Now, if you start checking cervical dilation or doing prostate exams, someone is going to care. But I’ve just never heard of anyone getting into serious trouble for doing an appropriate, non-invasive physical exam. If the person who cares happens to be your QA officer or medical director or someone like that, make sure you keep the conversation focused on medical appropriateness. Ask them to explain why what you did was medically inappropriate.
If you’re talking about lungs sounds, the entertainment value of the conversation should be worth the discipline. And you might want to consider moving on. When the day comes when you make a real error (And that day will come.) they aren’t going to have your back.

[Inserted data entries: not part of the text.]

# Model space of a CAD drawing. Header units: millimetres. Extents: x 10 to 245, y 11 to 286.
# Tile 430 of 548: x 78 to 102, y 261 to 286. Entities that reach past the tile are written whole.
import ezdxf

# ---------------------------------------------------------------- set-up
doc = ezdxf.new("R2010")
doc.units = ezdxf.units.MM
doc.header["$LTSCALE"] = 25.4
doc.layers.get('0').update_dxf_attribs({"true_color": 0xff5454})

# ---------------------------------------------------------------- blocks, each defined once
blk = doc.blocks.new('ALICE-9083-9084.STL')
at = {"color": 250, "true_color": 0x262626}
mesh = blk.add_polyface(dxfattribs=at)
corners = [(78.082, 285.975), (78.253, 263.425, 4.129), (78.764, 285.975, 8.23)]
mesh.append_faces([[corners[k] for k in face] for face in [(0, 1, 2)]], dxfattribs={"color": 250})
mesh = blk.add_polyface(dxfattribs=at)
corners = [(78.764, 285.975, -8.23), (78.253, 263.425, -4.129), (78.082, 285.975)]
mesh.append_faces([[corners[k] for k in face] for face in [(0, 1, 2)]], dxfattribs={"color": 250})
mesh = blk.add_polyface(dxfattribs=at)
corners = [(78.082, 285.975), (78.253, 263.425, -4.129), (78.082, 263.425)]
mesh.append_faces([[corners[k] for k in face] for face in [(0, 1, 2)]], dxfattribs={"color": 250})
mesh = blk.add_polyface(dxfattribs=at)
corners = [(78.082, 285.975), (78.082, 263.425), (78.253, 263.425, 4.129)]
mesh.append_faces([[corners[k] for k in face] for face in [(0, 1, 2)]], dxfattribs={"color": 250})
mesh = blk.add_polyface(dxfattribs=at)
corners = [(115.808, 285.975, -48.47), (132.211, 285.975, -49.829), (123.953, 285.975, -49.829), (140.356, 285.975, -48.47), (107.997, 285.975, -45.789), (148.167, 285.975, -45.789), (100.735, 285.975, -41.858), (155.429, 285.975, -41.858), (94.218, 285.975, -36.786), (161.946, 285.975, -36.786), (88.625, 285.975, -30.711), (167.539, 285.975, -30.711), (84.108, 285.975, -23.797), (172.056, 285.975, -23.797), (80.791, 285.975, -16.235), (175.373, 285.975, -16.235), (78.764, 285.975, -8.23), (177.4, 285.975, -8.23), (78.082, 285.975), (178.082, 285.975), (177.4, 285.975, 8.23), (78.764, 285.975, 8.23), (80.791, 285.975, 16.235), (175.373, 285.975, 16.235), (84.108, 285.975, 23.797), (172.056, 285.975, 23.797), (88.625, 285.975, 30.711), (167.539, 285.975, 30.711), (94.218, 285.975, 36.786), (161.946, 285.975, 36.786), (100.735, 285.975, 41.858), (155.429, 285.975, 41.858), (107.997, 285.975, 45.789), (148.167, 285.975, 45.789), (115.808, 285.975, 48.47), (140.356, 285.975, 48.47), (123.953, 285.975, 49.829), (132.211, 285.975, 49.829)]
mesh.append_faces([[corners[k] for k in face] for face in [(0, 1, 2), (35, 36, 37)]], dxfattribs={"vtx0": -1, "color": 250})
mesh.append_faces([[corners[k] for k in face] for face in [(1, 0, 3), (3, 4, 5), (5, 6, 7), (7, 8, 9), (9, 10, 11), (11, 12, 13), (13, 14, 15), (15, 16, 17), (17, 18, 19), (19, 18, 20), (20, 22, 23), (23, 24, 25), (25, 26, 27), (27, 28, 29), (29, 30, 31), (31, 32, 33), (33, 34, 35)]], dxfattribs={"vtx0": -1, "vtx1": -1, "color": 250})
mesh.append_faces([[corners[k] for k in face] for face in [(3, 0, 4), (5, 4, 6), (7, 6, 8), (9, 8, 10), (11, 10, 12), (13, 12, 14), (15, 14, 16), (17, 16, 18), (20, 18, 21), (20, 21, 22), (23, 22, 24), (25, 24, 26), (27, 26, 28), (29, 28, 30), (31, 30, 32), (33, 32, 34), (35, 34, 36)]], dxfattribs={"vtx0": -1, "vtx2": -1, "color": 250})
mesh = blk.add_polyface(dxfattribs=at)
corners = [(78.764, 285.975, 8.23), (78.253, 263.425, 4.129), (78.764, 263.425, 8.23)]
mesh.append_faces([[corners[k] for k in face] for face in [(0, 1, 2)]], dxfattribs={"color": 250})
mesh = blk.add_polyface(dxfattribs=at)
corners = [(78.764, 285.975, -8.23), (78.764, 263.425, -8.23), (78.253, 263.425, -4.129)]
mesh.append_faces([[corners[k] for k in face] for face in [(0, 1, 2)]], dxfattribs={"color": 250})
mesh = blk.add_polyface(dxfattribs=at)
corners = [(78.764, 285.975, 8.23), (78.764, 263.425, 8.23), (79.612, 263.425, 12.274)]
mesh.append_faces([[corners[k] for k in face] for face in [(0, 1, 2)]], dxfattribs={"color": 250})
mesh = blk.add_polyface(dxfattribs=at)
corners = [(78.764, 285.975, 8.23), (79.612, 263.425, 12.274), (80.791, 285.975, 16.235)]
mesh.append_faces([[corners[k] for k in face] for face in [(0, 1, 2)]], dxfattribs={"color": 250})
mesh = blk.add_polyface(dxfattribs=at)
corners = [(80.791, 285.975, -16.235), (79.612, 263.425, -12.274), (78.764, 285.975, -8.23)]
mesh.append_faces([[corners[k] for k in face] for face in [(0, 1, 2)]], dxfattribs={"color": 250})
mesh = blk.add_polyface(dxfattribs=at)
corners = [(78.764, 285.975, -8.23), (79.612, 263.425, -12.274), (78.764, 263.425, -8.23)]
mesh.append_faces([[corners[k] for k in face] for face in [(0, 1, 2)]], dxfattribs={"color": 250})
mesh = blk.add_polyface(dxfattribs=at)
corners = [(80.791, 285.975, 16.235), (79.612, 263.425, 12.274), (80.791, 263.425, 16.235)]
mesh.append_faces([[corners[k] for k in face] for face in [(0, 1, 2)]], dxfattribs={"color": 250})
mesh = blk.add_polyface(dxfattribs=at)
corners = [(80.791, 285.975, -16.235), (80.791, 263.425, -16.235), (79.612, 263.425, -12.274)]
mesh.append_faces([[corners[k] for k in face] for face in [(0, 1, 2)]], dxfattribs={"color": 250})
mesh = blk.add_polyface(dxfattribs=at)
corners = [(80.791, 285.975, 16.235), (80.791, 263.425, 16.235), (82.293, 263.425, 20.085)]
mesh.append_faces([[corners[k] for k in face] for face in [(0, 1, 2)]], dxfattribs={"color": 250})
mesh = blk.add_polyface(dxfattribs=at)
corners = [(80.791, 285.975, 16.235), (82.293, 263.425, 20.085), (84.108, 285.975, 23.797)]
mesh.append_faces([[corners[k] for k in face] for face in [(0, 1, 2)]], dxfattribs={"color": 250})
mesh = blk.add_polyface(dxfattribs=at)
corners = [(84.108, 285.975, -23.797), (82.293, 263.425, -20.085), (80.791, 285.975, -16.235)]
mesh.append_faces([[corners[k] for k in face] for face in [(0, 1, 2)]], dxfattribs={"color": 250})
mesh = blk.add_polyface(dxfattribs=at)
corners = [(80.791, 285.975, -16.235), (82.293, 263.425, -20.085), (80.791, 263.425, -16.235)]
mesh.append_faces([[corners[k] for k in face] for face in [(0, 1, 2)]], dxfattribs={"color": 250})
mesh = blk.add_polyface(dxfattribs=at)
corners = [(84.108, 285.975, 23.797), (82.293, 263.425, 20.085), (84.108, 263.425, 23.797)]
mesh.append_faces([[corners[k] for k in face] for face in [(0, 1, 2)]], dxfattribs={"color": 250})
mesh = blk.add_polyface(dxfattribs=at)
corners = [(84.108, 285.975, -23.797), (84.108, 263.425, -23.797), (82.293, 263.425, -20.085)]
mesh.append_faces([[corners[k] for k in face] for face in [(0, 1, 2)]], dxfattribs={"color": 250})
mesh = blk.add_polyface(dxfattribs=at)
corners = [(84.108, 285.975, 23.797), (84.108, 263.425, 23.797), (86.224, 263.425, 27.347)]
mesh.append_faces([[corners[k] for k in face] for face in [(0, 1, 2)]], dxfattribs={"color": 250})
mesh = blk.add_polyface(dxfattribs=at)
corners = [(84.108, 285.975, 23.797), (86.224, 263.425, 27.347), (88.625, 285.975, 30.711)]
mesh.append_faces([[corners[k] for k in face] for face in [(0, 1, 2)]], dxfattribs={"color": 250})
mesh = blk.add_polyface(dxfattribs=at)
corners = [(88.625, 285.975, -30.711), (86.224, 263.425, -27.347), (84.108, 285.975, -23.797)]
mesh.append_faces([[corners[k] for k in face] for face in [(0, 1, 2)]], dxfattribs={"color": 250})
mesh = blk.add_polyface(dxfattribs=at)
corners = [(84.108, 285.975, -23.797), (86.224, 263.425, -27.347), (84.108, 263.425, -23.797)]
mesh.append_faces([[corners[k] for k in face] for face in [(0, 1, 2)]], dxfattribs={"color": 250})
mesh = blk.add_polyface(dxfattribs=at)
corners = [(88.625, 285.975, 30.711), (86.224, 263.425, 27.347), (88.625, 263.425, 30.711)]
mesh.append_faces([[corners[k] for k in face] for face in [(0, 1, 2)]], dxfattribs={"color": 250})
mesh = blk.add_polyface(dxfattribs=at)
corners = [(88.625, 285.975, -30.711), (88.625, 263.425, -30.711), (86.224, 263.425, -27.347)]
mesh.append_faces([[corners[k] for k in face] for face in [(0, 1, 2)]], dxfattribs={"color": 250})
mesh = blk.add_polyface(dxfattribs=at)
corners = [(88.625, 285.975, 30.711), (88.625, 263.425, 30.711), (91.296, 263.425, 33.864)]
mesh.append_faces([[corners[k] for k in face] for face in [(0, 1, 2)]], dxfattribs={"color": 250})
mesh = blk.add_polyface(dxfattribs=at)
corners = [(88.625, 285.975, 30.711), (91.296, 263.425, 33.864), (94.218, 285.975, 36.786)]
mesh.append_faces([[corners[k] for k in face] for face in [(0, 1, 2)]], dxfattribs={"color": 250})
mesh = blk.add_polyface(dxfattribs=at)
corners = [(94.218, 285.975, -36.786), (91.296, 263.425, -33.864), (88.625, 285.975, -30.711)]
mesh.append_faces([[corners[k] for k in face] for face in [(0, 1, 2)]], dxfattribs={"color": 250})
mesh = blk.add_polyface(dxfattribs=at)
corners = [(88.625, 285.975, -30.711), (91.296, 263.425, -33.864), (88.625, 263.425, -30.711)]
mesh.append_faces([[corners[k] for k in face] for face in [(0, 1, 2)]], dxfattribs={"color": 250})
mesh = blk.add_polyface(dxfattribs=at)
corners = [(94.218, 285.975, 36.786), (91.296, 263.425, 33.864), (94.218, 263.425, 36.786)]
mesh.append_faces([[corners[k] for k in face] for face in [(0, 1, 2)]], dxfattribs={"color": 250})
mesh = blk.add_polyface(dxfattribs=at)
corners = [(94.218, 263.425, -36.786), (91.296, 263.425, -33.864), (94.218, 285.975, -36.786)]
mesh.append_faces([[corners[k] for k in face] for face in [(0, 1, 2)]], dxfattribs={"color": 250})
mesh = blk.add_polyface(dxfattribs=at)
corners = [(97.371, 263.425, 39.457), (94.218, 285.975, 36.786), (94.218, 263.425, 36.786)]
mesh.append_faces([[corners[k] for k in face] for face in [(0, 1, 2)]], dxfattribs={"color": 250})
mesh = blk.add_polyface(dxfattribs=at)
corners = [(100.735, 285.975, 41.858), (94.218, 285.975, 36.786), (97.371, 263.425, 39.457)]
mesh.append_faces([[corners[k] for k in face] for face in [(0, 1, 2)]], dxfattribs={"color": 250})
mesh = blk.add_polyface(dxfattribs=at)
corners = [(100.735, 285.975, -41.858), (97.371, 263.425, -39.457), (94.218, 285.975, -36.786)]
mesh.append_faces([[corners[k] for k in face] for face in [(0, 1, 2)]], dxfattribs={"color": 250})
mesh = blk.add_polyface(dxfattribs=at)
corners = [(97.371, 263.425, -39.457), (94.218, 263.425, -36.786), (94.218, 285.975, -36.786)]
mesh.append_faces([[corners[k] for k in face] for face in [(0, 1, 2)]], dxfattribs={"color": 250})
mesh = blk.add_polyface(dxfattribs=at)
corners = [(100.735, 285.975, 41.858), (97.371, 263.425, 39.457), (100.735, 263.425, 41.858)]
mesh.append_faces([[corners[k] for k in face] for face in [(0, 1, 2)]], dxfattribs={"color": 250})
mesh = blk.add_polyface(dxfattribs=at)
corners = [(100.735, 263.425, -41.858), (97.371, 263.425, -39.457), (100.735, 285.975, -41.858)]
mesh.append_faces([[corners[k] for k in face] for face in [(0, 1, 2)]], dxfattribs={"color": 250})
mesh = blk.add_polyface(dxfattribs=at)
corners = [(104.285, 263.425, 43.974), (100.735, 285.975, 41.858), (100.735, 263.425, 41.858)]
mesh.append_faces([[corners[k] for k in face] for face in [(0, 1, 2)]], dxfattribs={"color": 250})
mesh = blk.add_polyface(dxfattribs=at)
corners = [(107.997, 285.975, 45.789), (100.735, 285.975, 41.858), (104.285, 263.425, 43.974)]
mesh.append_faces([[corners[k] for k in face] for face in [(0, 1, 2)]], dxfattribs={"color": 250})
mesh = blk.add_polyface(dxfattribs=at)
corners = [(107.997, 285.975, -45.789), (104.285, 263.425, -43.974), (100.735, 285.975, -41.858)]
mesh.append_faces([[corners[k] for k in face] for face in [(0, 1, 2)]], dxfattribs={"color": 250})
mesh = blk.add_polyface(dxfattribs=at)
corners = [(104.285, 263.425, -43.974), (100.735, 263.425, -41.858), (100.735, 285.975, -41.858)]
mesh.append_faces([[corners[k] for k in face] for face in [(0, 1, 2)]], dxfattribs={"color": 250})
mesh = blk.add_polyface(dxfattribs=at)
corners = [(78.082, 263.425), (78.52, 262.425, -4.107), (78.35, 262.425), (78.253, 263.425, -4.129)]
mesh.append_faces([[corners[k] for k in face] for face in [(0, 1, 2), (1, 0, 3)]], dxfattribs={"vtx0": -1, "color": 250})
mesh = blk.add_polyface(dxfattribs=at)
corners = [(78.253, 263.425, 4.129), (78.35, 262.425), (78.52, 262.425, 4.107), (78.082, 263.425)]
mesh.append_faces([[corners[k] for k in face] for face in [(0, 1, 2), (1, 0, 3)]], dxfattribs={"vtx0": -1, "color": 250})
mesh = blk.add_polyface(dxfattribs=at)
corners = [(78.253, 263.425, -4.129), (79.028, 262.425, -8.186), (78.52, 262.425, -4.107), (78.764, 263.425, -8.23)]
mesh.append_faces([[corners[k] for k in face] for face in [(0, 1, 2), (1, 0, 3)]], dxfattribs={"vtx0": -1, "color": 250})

3) Physical assessments like lung sounds are implied by the treatments that fall within your scope. For instance, its’ difficult to argue that you should be allowed to administer albuterol and epinephrine but you should be prohibited from assessing the patients lung sounds and deciding if the respiratory condition is obstructive or congestive.
4) It isn’t safer to not do a proper assessment. If you think your protecting yourself from liability by doing less you’re fooling yourself. If you’re making decisions about giving epi-pins, nitro and albuterol but you’re afraid to do basic patient assessments like lung sounds, you’re not decreasing your risk. You’re taking larger risks by treating people without the foundation of appropriate medical assessment.
And when you do make a treatment error or miss something big because you were to afraid to assess your patient, who do you think is going to look out for you? Your supervisor who doesn’t think you should be listening to lung sounds?
The world of emergency medicine is a road that runs crooked through the woods. The right thing to do isn’t always obvious. It’s one of the things that makes the job so great.
You can’t shelter yourself from liability by hiding under a rock. The patient still need appropriate treatment. This is a job where you’re going to have to choose your own road. You’re going to have to decide what values you’re going to use to guide you when the path is unclear. When it comes to assessments and scope of practice, the path is certainly unclear. I hope both Tim and I have helped you consider the issue in a little more depth.
Now it’s your turn: What do you think. When your performing physical assessments are the boundaries of your scope of practice clear?